# Can the "auto turn" gimmick be disabled...?



## d3500ram (Feb 5, 2017)

I would think that my $2000 Ariens mistake would operate much better if there were no auto-turn BS. It is the most cumbersome aspect of the snowblower and I wish it would just track straight. It wanders so much that I really need to manhandle it to keep it on the clearing path. 

Can the Auto turn be disabled on these things?


----------



## uberT (Dec 29, 2013)

Ram, I don't think so.


What skids are you running? What kind of surface?


----------



## d3500ram (Feb 5, 2017)

Skids are stock, surface is hard packed gravel.


----------



## DriverRider (Nov 20, 2016)

d3500ram said:


> I would think that my $2000 Ariens mistake would operate much better if there were no auto-turn BS. It is the most cumbersome aspect of the snowblower and I wish it would just track straight. It wanders so much that I really need to manhandle it to keep it on the clearing path. Can the Auto turn be disabled on these things?


Probably and most likely, yes. Just from watching this video if one were to install a heavy spring between the two sliding clutch plates it would lock the two axles together not allowing the auto turn feature. One could conceivably fine tune it with slightly more spring tension still allowing auto turn but requiring more effort during the turn thus minimizing the wander. Without a unit in my hands it might be as simple as installing a shim on either side of OEM spring to increase the spring tension which would probably be the way to go. I would start with a .040" shim each side, assemble, test drive then work my way from there.

Ariens Auto-Turn - SnowblowersAtJacks.com


----------



## Cardo111 (Feb 16, 2015)

You may want to try Armorskids or call Ariens corporate tomorrow tel. 1-920-756-4688, let them know your issues and they may send you a set of their Poly Skid Shoes, both of these skid shoes have been known to help.


----------



## drmerdp (Feb 9, 2014)

Didn’t Ariens offer autoturn add on kits for older machines? If so, maybe the previous gen remote locking diff can be installed. 

Shimming the center spring on the differential may be a good option as well. 

Realistically swapping to better skids will likely be the quickest and easiest solution. Poly skids are particularly helpful on pavement, but for snow packed gravel armorskids might work better. 
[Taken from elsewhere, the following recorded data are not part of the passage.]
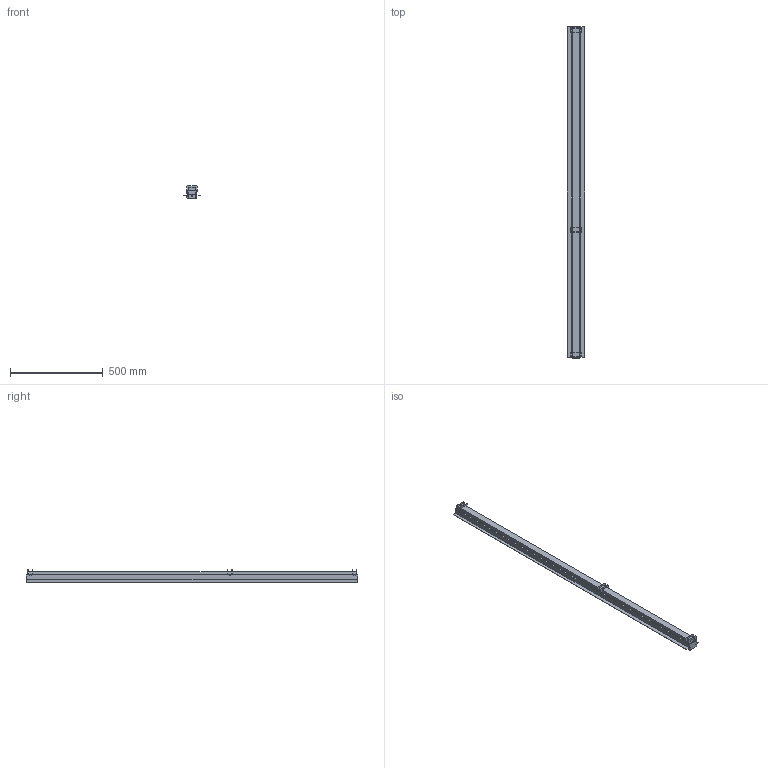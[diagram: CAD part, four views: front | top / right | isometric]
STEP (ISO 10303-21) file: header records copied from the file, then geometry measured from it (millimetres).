
FILE_DESCRIPTION(/* description */ (''),/* implementation_level */ '2;1');
FILE_NAME(/* name */ 'ATL1776__',/* time_stamp */ '2018-07-18T15:34:01+02:00',/* author */ (''),/* organization */ (''),/* preprocessor_version */ 'ST-DEVELOPER v15',/* originating_system */ '',/* authorisation */ '');
FILE_SCHEMA (('CONFIG_CONTROL_DESIGN'));
Length unit declared in the file: millimetre
Products named in the file (1): Document
Bounding box: 92.2 x 1793.79 x 68.52 mm (x, y, z)
Volume: 2221434.1 mm3; surface area: 898247.9 mm2
Topology: 10 solids, 15 shells, 613 faces, 1930 edges, 1248 vertices
Faces by surface type: plane 349, bspline 264
Entity records: 19798 total; most frequent: CARTESIAN_POINT 8594, ORIENTED_EDGE 3732, EDGE_CURVE 1929, B_SPLINE_CURVE_WITH_KNOTS 1271, VERTEX_POINT 1248, ADVANCED_FACE 613, FACE_OUTER_BOUND 613, EDGE_LOOP 613
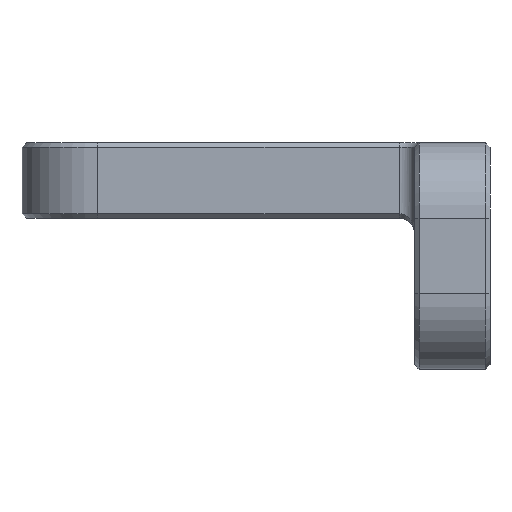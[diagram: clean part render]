
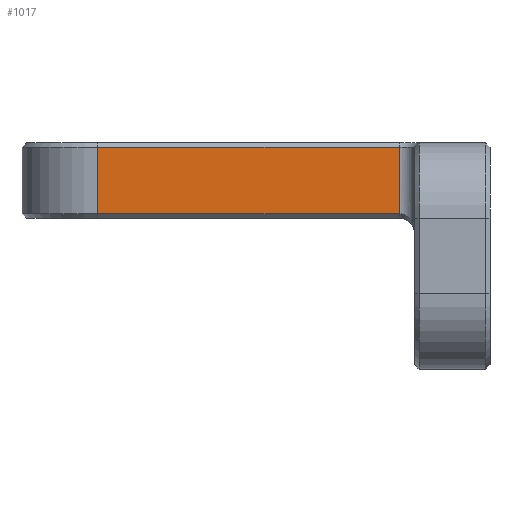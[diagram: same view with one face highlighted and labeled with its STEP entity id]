
A CAD part, front view. The second image highlights one B-rep face of the part: STEP entity #1017.
In plain terms, the highlighted planar face has unit normal (0, -1, 0).
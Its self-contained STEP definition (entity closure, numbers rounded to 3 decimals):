
#111 = PLANE ( 'NONE',  #3358 ) ;
#373 = CARTESIAN_POINT ( 'NONE',  ( 12., -20., 4.7 ) ) ;
#491 = VECTOR ( 'NONE', #1642, 1000. ) ;
#848 = CARTESIAN_POINT ( 'NONE',  ( -8., -20., 5. ) ) ;
#887 = EDGE_CURVE ( 'NONE', #3699, #5457, #1397, .T. ) ;
#1017 = ADVANCED_FACE ( 'NONE', ( #3800 ), #111, .F. ) ;
#1069 = EDGE_CURVE ( 'NONE', #2641, #3699, #1551, .T. ) ;
#1108 = EDGE_CURVE ( 'NONE', #5457, #3284, #1187, .T. ) ;
#1187 = LINE ( 'NONE', #5728, #491 ) ;
#1217 = LINE ( 'NONE', #848, #2417 ) ;
#1274 = DIRECTION ( 'NONE',  ( 0., 0., -1. ) ) ;
#1290 = EDGE_LOOP ( 'NONE', ( #5486, #3696, #4878, #3895 ) ) ;
#1397 = LINE ( 'NONE', #1424, #5919 ) ;
#1424 = CARTESIAN_POINT ( 'NONE',  ( 12., -20., 5. ) ) ;
#1520 = DIRECTION ( 'NONE',  ( 0., 1., 0. ) ) ;
#1551 = LINE ( 'NONE', #2205, #2792 ) ;
#1642 = DIRECTION ( 'NONE',  ( -1., 0., 0. ) ) ;
#2205 = CARTESIAN_POINT ( 'NONE',  ( -13., -20., 0.3 ) ) ;
#2417 = VECTOR ( 'NONE', #1274, 1000. ) ;
#2641 = VERTEX_POINT ( 'NONE', #5630 ) ;
#2792 = VECTOR ( 'NONE', #5762, 1000. ) ;
#2872 = CARTESIAN_POINT ( 'NONE',  ( -13., -20., 5. ) ) ;
#3257 = DIRECTION ( 'NONE',  ( 0., 0., 1. ) ) ;
#3284 = VERTEX_POINT ( 'NONE', #5273 ) ;
#3358 = AXIS2_PLACEMENT_3D ( 'NONE', #2872, #1520, #3410 ) ;
#3410 = DIRECTION ( 'NONE',  ( 0., 0., 1. ) ) ;
#3696 = ORIENTED_EDGE ( 'NONE', *, *, #1069, .T. ) ;
#3699 = VERTEX_POINT ( 'NONE', #3954 ) ;
#3800 = FACE_OUTER_BOUND ( 'NONE', #1290, .T. ) ;
#3895 = ORIENTED_EDGE ( 'NONE', *, *, #1108, .T. ) ;
#3954 = CARTESIAN_POINT ( 'NONE',  ( 12., -20., 0.3 ) ) ;
#4099 = EDGE_CURVE ( 'NONE', #3284, #2641, #1217, .T. ) ;
#4878 = ORIENTED_EDGE ( 'NONE', *, *, #887, .T. ) ;
#5273 = CARTESIAN_POINT ( 'NONE',  ( -8., -20., 4.7 ) ) ;
#5457 = VERTEX_POINT ( 'NONE', #373 ) ;
#5486 = ORIENTED_EDGE ( 'NONE', *, *, #4099, .T. ) ;
#5630 = CARTESIAN_POINT ( 'NONE',  ( -8., -20., 0.3 ) ) ;
#5728 = CARTESIAN_POINT ( 'NONE',  ( -8., -20., 4.7 ) ) ;
#5762 = DIRECTION ( 'NONE',  ( 1., 0., 0. ) ) ;
#5919 = VECTOR ( 'NONE', #3257, 1000. ) ;

Regardless of skid material, I think the length of the skid will likely help the most with keeping the machine on the straight and narrow. A longer narrower skid like cub cadet uses, or the Arnold universal shoes look promising.


----------



## GoBlowSnow (Sep 4, 2015)

Ditto on Armor for gravel.


----------



## Dauntae (Nov 10, 2016)

drmerdp said:


> Didn’t Ariens offer autoturn add on kits for older machines? If so, maybe the previous gen remote locking diff can be installed.
> 
> Shimming the center spring on the differential may be a good option as well.
> 
> ...


Yes they still offer the auto turn kit as I have one on my 1027 and I have roller skids and so far no issues at all and tracks without any wanting to turn, Although the hard packed with gravel is most likely the cause of his issues as I don't think auto turn would work so great on that.


----------



## celltech (Nov 8, 2013)

I was having the same issues with mine when I first purchased it several years ago. Called up Ariens and they sent me there poly skids for free. Put them on and followed the setup on there YouTube channel. Works great every since. 

PS: I don't have a gravel surface.


----------



## Ariens hydro pro (Jan 24, 2014)

I would say keep the tires inflated the same and run poly shoes up front. That should fix the pulling.
On my pavement, wheels up front made it 100% better.


----------



## Stroggle (Jan 10, 2018)

Just bought 2017 ariens deluxe 28 sho, autoturn is a very bad thing, I agree with all issues about that mecanism. After two snow storm I decide to lock the differential. It took me 20 minutes to do and now I have a locked diff and no more zigzag and wrestling. Very easy to do, I just insert 4 tiny hard wood block between the gears so they stay engaged. It’s not permanent and easely reversible.


----------



## bp0416 (Jan 1, 2018)

Did you read the sticky at the top of this forum on adjusting the auto-turn? Also, I purchased the Ariens Poly skids and they make a major difference - slide much more easily - not fighting the machine as the metal skids would grab into the hot top.


----------



## quahog (Mar 18, 2018)

Please explain these wood blocks to stop auto turn.


----------



## Cold1 (Dec 20, 2017)

quahog said:


> Please explain these wood blocks to stop auto turn.



See Stroggle's explanation and picture on page 34-35 of this thread: http://www.snowblowerforum.com/forum/ariens-snowblowers/3226-thoughts-ariens-auto-turn-34.html


----------